*** Information supplied ***

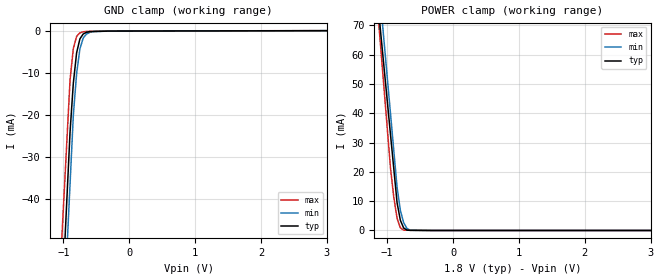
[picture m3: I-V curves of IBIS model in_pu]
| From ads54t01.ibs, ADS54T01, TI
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[Model] in_pu
Model_type Input
Vinl = 540.000mV
Vinh = 1.26000V
C_comp 746.000fF 715.000fF 777.000fF
| variable typ   min   max
[Voltage Range] 1.80000V 1.65000V 1.95000V
[POWER Clamp Reference] 1.80000V 1.65000V 1.95000V
[GND Clamp Reference] 0.00000V 0.00000V 0.00000V
[Temperature Range]   25   85   -40
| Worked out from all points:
|   GND clamp passes 1 mA (typ) near -0.71 V on its own axis
|   POWER clamp passes 1 mA (typ) near -0.75 V on its own axis
[GND Clamp]
-1.8V     -323.2mA   -332.7mA   -283mA
-900mV    -24.14mA   -36.54mA   -11.73mA
-850mV    -12.46mA   -20.09mA   -4.21mA
-800mV    -5.227mA   -10.16mA   -1.32mA
-750mV    -1.913mA   -4.295mA   -490.6uA
-700mV    -754.8uA   -1.715mA   -236.9uA
-650mV    -366.2uA   -786.3uA   -146uA
-550mV    -165.2uA   -183.1uA   -116uA
3.6V      48.02uA    56.76uA    57.43uA
[POWER Clamp]
-1.8V     230.9mA    253.7mA    256.7mA
-1.1V     67.72mA    77.61mA    62.82mA
-1.05V    56.06mA    65.03mA    48.96mA
-950mV    32.75mA    39.87mA    21.26mA
-900mV    21.1mA     27.29mA    11.36mA
-850mV    9.443mA    14.7mA     4.128mA
-800mV    3.464mA    6.824mA    873.1uA
-750mV    836.8uA    2.656mA    114.7uA
-700mV    156.5uA    667.8uA    101.9uA
-650mV    24.69uA    136.9uA    89.19uA
3.6V      0A         0A         0A
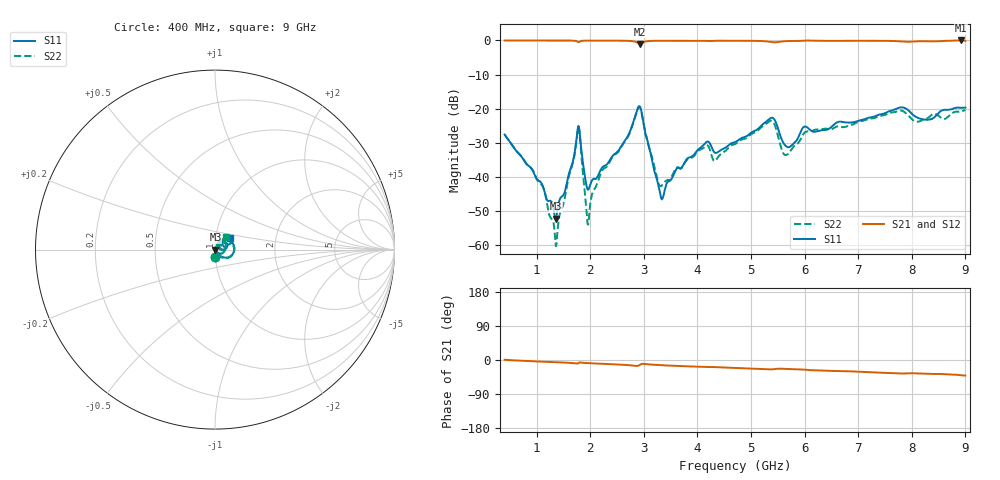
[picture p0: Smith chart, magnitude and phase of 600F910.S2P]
!  American Technical Ceramics  Date:  11/7/05
!  One Norden Lane
!  Huntington Station,  NY.  11746-2102
!  Tel:  (631) 622-4700  Fax:  (631) 622-4748
!  Part Number  600F910  Mounting Orientation: Horizontal
!  Description: Ultra Low ESR Microwave capacitors
!  Application: Coupling, Bypass, Tuning, DC Block
!  Filters, Matching
# GHZ S DB R 50
! Freq  |S11|  S11 Ph  |S21|  S21 Ph  |S12|  S12 Ph  |S22|  S22 Ph
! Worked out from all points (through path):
!   801 points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, 400 MHz to 9 GHz, reference 50 ohm
!   highest |S21| = 0.00 dB at 8.914 GHz (marker M1); lowest = -1.0 dB at 2.926 GHz (marker M2)
!   group delay of S21, straight-line fit = 12.5 ps
!   lowest |S11| = -52.3 dB at 1.357 GHz (marker M3), VSWR 1.00, Z = 50.2 - j0.0139 ohm
!   |S11| at or under -10 dB: start of sweep to end of sweep
!   |S22| runs from -60.3 to -19.4 dB; largest |S21 - S12| = 0.008
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0.4  -27.59 -88.4  -0.01 0.7  -0.02 0.7  -27.56 -88.7
1.11  -42.59 -79.0  -0.01 -4.4  -0.02 -4.5  -42.76 -93.0
1.357  -52.27 -3.2  -0.02 -5.8  -0.02 -5.9  -60.34 -21.0
1.54  -43.38 52.9  -0.03 -6.9  -0.03 -7.0  -44.74 67.5
1.755  -27.19 39.5  -0.27 -9.3  -0.27 -9.3  -27.64 35.8
1.841  -33.23 -47.2  -0.12 -6.9  -0.12 -7.0  -35.27 -66.8
1.927  -42.47 -26.2  -0.05 -8.0  -0.05 -8.1  -49.59 -65.2
1.97  -43.58 5.6  -0.04 -8.4  -0.05 -8.5  -52.65 24.6
2.206  -37.60 47.7  -0.05 -9.9  -0.05 -10.0  -38.58 70.1
2.926  -19.43 -6.0  -1.00 -12.5  -1.00 -12.7  -19.59 -10.1
3.27  -42.57 -41.0  -0.08 -13.3  -0.08 -13.5  -41.82 -38.1
3.346  -46.40 5.5  -0.07 -13.9  -0.07 -14.1  -42.27 -7.5
4.163  -29.84 50.4  -0.14 -18.6  -0.14 -18.9  -30.83 39.6
4.324  -32.91 39.9  -0.11 -18.7  -0.11 -18.9  -35.34 42.1
4.7  -29.81 57.1  -0.07 -20.9  -0.08 -21.2  -30.43 64.2
5.377  -22.68 28.1  -0.45 -24.9  -0.45 -25.1  -23.52 27.5
5.657  -31.06 20.4  -0.20 -23.6  -0.21 -23.9  -33.58 38.9
6.141  -26.65 39.0  -0.06 -27.0  -0.06 -27.3  -26.52 58.3
7.57  -20.81 43.9  -0.13 -34.5  -0.14 -34.9  -21.39 51.2
8.291  -23.25 35.9  -0.23 -36.6  -0.23 -37.0  -22.82 49.0
8.914  -19.75 38.7  0.00 -40.2  0.00 -40.6  -20.87 48.4
9  -19.69 37.9  -0.11 -40.9  -0.11 -41.4  -20.38 48.3

*** End of Information supplied ***

> [Work to be completed]: Output the data above exactly; pictures do not belong in the copy.

> [Task result]:
[picture m3: I-V curves of IBIS model in_pu]
| From ads54t01.ibs, ADS54T01, TI
[Model] in_pu
Model_type Input
Vinl = 540.000mV
Vinh = 1.26000V
C_comp 746.000fF 715.000fF 777.000fF
| variable typ   min   max
[Voltage Range] 1.80000V 1.65000V 1.95000V
[POWER Clamp Reference] 1.80000V 1.65000V 1.95000V
[GND Clamp Reference] 0.00000V 0.00000V 0.00000V
[Temperature Range]   25   85   -40
| Worked out from all points:
|   GND clamp passes 1 mA (typ) near -0.71 V on its own axis
|   POWER clamp passes 1 mA (typ) near -0.75 V on its own axis
[GND Clamp]
-1.8V     -323.2mA   -332.7mA   -283mA
-900mV    -24.14mA   -36.54mA   -11.73mA
-850mV    -12.46mA   -20.09mA   -4.21mA
-800mV    -5.227mA   -10.16mA   -1.32mA
-750mV    -1.913mA   -4.295mA   -490.6uA
-700mV    -754.8uA   -1.715mA   -236.9uA
-650mV    -366.2uA   -786.3uA   -146uA
-550mV    -165.2uA   -183.1uA   -116uA
3.6V      48.02uA    56.76uA    57.43uA
[POWER Clamp]
-1.8V     230.9mA    253.7mA    256.7mA
-1.1V     67.72mA    77.61mA    62.82mA
-1.05V    56.06mA    65.03mA    48.96mA
-950mV    32.75mA    39.87mA    21.26mA
-900mV    21.1mA     27.29mA    11.36mA
-850mV    9.443mA    14.7mA     4.128mA
-800mV    3.464mA    6.824mA    873.1uA
-750mV    836.8uA    2.656mA    114.7uA
-700mV    156.5uA    667.8uA    101.9uA
-650mV    24.69uA    136.9uA    89.19uA
3.6V      0A         0A         0A
[picture p0: Smith chart, magnitude and phase of 600F910.S2P]
!  American Technical Ceramics  Date:  11/7/05
!  One Norden Lane
!  Huntington Station,  NY.  11746-2102
!  Tel:  (631) 622-4700  Fax:  (631) 622-4748
!  Part Number  600F910  Mounting Orientation: Horizontal
!  Description: Ultra Low ESR Microwave capacitors
!  Application: Coupling, Bypass, Tuning, DC Block
!  Filters, Matching
# GHZ S DB R 50
! Freq  |S11|  S11 Ph  |S21|  S21 Ph  |S12|  S12 Ph  |S22|  S22 Ph
! Worked out from all points (through path):
!   801 points, 400 MHz to 9 GHz, reference 50 ohm
!   highest |S21| = 0.00 dB at 8.914 GHz (marker M1); lowest = -1.0 dB at 2.926 GHz (marker M2)
!   group delay of S21, straight-line fit = 12.5 ps
!   lowest |S11| = -52.3 dB at 1.357 GHz (marker M3), VSWR 1.00, Z = 50.2 - j0.0139 ohm
!   |S11| at or under -10 dB: start of sweep to end of sweep
!   |S22| runs from -60.3 to -19.4 dB; largest |S21 - S12| = 0.008
0.4  -27.59 -88.4  -0.01 0.7  -0.02 0.7  -27.56 -88.7
1.11  -42.59 -79.0  -0.01 -4.4  -0.02 -4.5  -42.76 -93.0
1.357  -52.27 -3.2  -0.02 -5.8  -0.02 -5.9  -60.34 -21.0
1.54  -43.38 52.9  -0.03 -6.9  -0.03 -7.0  -44.74 67.5
1.755  -27.19 39.5  -0.27 -9.3  -0.27 -9.3  -27.64 35.8
1.841  -33.23 -47.2  -0.12 -6.9  -0.12 -7.0  -35.27 -66.8
1.927  -42.47 -26.2  -0.05 -8.0  -0.05 -8.1  -49.59 -65.2
1.97  -43.58 5.6  -0.04 -8.4  -0.05 -8.5  -52.65 24.6
2.206  -37.60 47.7  -0.05 -9.9  -0.05 -10.0  -38.58 70.1
2.926  -19.43 -6.0  -1.00 -12.5  -1.00 -12.7  -19.59 -10.1
3.27  -42.57 -41.0  -0.08 -13.3  -0.08 -13.5  -41.82 -38.1
3.346  -46.40 5.5  -0.07 -13.9  -0.07 -14.1  -42.27 -7.5
4.163  -29.84 50.4  -0.14 -18.6  -0.14 -18.9  -30.83 39.6
4.324  -32.91 39.9  -0.11 -18.7  -0.11 -18.9  -35.34 42.1
4.7  -29.81 57.1  -0.07 -20.9  -0.08 -21.2  -30.43 64.2
5.377  -22.68 28.1  -0.45 -24.9  -0.45 -25.1  -23.52 27.5
5.657  -31.06 20.4  -0.20 -23.6  -0.21 -23.9  -33.58 38.9
6.141  -26.65 39.0  -0.06 -27.0  -0.06 -27.3  -26.52 58.3
7.57  -20.81 43.9  -0.13 -34.5  -0.14 -34.9  -21.39 51.2
8.291  -23.25 35.9  -0.23 -36.6  -0.23 -37.0  -22.82 49.0
8.914  -19.75 38.7  0.00 -40.2  0.00 -40.6  -20.87 48.4
9  -19.69 37.9  -0.11 -40.9  -0.11 -41.4  -20.38 48.3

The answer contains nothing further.